Question

Anil alone can do a job in 20 days while Sunil alone can do it in 40 days. Anil starts the job, and after 3 days, Sunil joins him. Again, after a few more days, Bimal joins them and they together finish the job. If Bimal has done 10% of the job, then in how many days was the job done?

• A. 14
• B. 13
• C. 15
• D. 12

Answer 1

The Correct Option is B

To solve this problem, we begin by calculating the work rates of Anil, Sunil, and Bimal. 

• Anil can finish the job in 20 days → Work rate = \( \frac{1}{20} \) per day
• Sunil can finish it in 40 days → Work rate = \( \frac{1}{40} \) per day
• Bimal contributes 10% of the total work → Bimal's work = \( \frac{1}{10} \)

Step 1: Work by Anil Alone

Anil works alone for the first 3 days.

\[ \text{Work done by Anil} = 3 \times \frac{1}{20} = \frac{3}{20} \]

Step 2: Anil and Sunil Work Together

From Day 4, Sunil joins Anil. Their combined work rate:

\[ \frac{1}{20} + \frac{1}{40} = \frac{3}{40} \]
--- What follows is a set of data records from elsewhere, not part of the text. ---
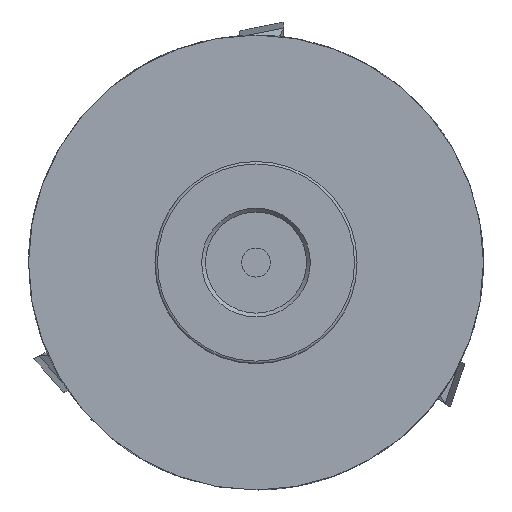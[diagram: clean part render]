
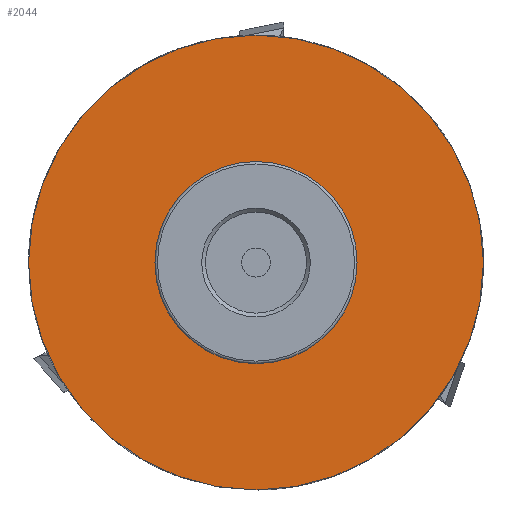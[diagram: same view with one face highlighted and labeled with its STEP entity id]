
A CAD part, front view. The second image highlights one B-rep face of the part: STEP entity #2044.
In plain terms, the highlighted planar face has unit normal (0, -1, 0).
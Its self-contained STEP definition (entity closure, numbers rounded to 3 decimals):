
#75=FACE_BOUND('',#437,.T.);
#170=CIRCLE('',#2228,18.);
#171=CIRCLE('',#2229,18.);
#207=CIRCLE('',#2301,7.75);
#208=CIRCLE('',#2302,7.75);
#318=FACE_OUTER_BOUND('',#436,.T.);
#436=EDGE_LOOP('',(#1597,#1598));
#437=EDGE_LOOP('',(#1599,#1600));
#838=VERTEX_POINT('',#3175);
#839=VERTEX_POINT('',#3176);
#895=VERTEX_POINT('',#3580);
#896=VERTEX_POINT('',#3581);
#1060=EDGE_CURVE('',#838,#839,#170,.T.);
#1061=EDGE_CURVE('',#839,#838,#171,.T.);
#1151=EDGE_CURVE('',#895,#896,#207,.T.);
#1152=EDGE_CURVE('',#896,#895,#208,.T.);
#1597=ORIENTED_EDGE('',*,*,#1060,.T.);
#1598=ORIENTED_EDGE('',*,*,#1061,.T.);
#1599=ORIENTED_EDGE('',*,*,#1151,.F.);
#1600=ORIENTED_EDGE('',*,*,#1152,.F.);
#1969=PLANE('',#2300);
#2044=ADVANCED_FACE('',(#318,#75),#1969,.T.);
#2228=AXIS2_PLACEMENT_3D('',#3177,#2507,#2508);
#2229=AXIS2_PLACEMENT_3D('',#3178,#2509,#2510);
#2300=AXIS2_PLACEMENT_3D('',#3579,#2678,#2679);
#2301=AXIS2_PLACEMENT_3D('',#3582,#2680,#2681);
#2302=AXIS2_PLACEMENT_3D('',#3583,#2682,#2683);
#2507=DIRECTION('center_axis',(0.,-1.,0.));
#2508=DIRECTION('ref_axis',(1.,0.,0.));
#2509=DIRECTION('center_axis',(0.,-1.,0.));
#2510=DIRECTION('ref_axis',(1.,0.,0.));
#2678=DIRECTION('center_axis',(0.,-1.,0.));
#2679=DIRECTION('ref_axis',(0.,0.,-1.));
#2680=DIRECTION('center_axis',(0.,-1.,0.));
#2681=DIRECTION('ref_axis',(1.,0.,0.));
#2682=DIRECTION('center_axis',(0.,-1.,0.));
#2683=DIRECTION('ref_axis',(1.,0.,0.));
#3175=CARTESIAN_POINT('',(18.,49.5,0.));
#3176=CARTESIAN_POINT('',(-18.,49.5,0.));
#3177=CARTESIAN_POINT('Origin',(0.,49.5,0.));
#3178=CARTESIAN_POINT('Origin',(0.,49.5,0.));
#3579=CARTESIAN_POINT('Origin',(7.75,49.5,0.));
#3580=CARTESIAN_POINT('',(7.75,49.5,0.));
#3581=CARTESIAN_POINT('',(-7.75,49.5,0.));
#3582=CARTESIAN_POINT('Origin',(0.,49.5,0.));
#3583=CARTESIAN_POINT('Origin',(0.,49.5,0.));
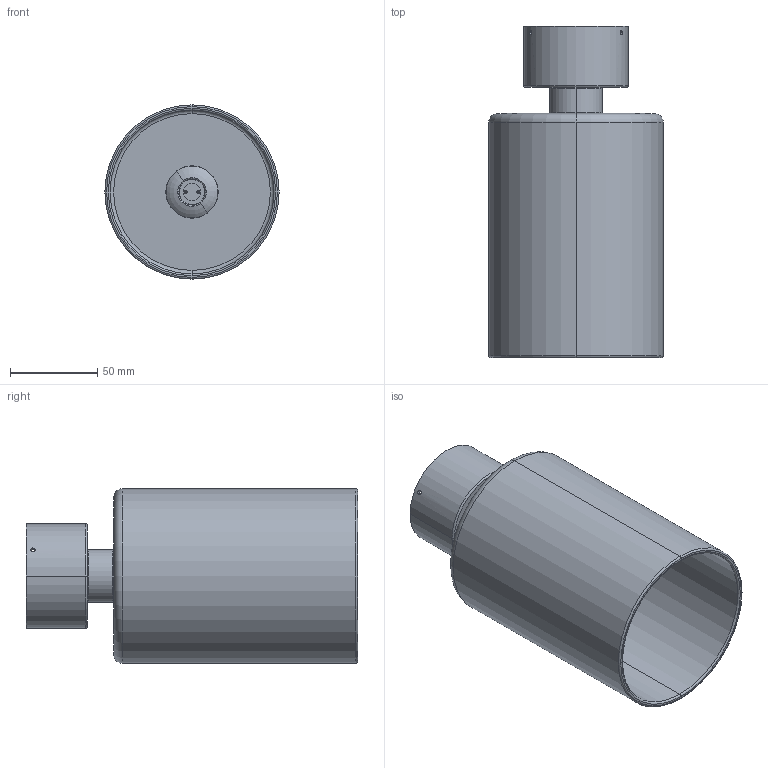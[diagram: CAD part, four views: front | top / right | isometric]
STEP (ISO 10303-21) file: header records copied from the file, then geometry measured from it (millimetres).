
FILE_DESCRIPTION (( 'STEP AP203' ), '1' );
FILE_NAME ('PLSPILXPXXCRINT-PER 3D.STEP', '2024-05-27T16:50:55', ( '' ), ( '' ), 'SwSTEP 2.0', 'SolidWorks 2024', '' );
FILE_SCHEMA (( 'CONFIG_CONTROL_DESIGN' ));
Length unit declared in the file: millimetre
Products named in the file (7): WSASS-000000049-44; VSPILLRAYP140CS; TORNITURA FISSAGGIO VETRO; WSCM2A0105-0700-00_WSCM2A0105-0744-00; WSCM2A0110-0744-00; PLSPILXPXXCRINT-PER 3D; WSMCTFA10C015-0141
Assembly tree (6 placements, depth 3):
  PLSPILXPXXCRINT-PER 3D
    WSASS-000000049-44
      WSCM2A0105-0700-00_WSCM2A0105-0744-00
    WSMCTFA10C015-0141
    WSCM2A0110-0744-00
    TORNITURA FISSAGGIO VETRO
    VSPILLRAYP140CS
Bounding box: 100 x 190 x 100 mm (x, y, z)
Volume: 182070.1 mm3; surface area: 124083.3 mm2
Topology: 5 solids, 5 shells, 107 faces, 224 edges, 131 vertices
Faces by surface type: cylinder 40, cone 26, torus 26, plane 15
Entity records: 3883 total; most frequent: CARTESIAN_POINT 756, DIRECTION 580, ORIENTED_EDGE 444, AXIS2_PLACEMENT_3D 257, EDGE_CURVE 222, CIRCLE 140, VERTEX_POINT 131, EDGE_LOOP 131

Let the number of days they work together be \( x \). Then work done by Anil and Sunil together is:

\[ x \times \frac{3}{40} = \frac{3x}{40} \]

Step 3: Total Work Completed

Total work done by Anil and Sunil =

\[ \frac{3}{20} + \frac{3x}{40} \]

Bimal did 10% of the job, so Anil and Sunil together did 90%:

\[ \frac{3}{20} + \frac{3x}{40} = \frac{9}{10} \]

Step 4: Solve the Equation

Convert \( \frac{3}{20} \) to denominator 40:

\[ \frac{6}{40} + \frac{3x}{40} = \frac{36}{40} \] \[ \frac{6 + 3x}{40} = \frac{36}{40} \Rightarrow 6 + 3x = 36 \Rightarrow 3x = 30 \Rightarrow x = 10 \]

Final Answer:

Total days = 3 (Anil alone) + 10 (Anil & Sunil) = 13 days.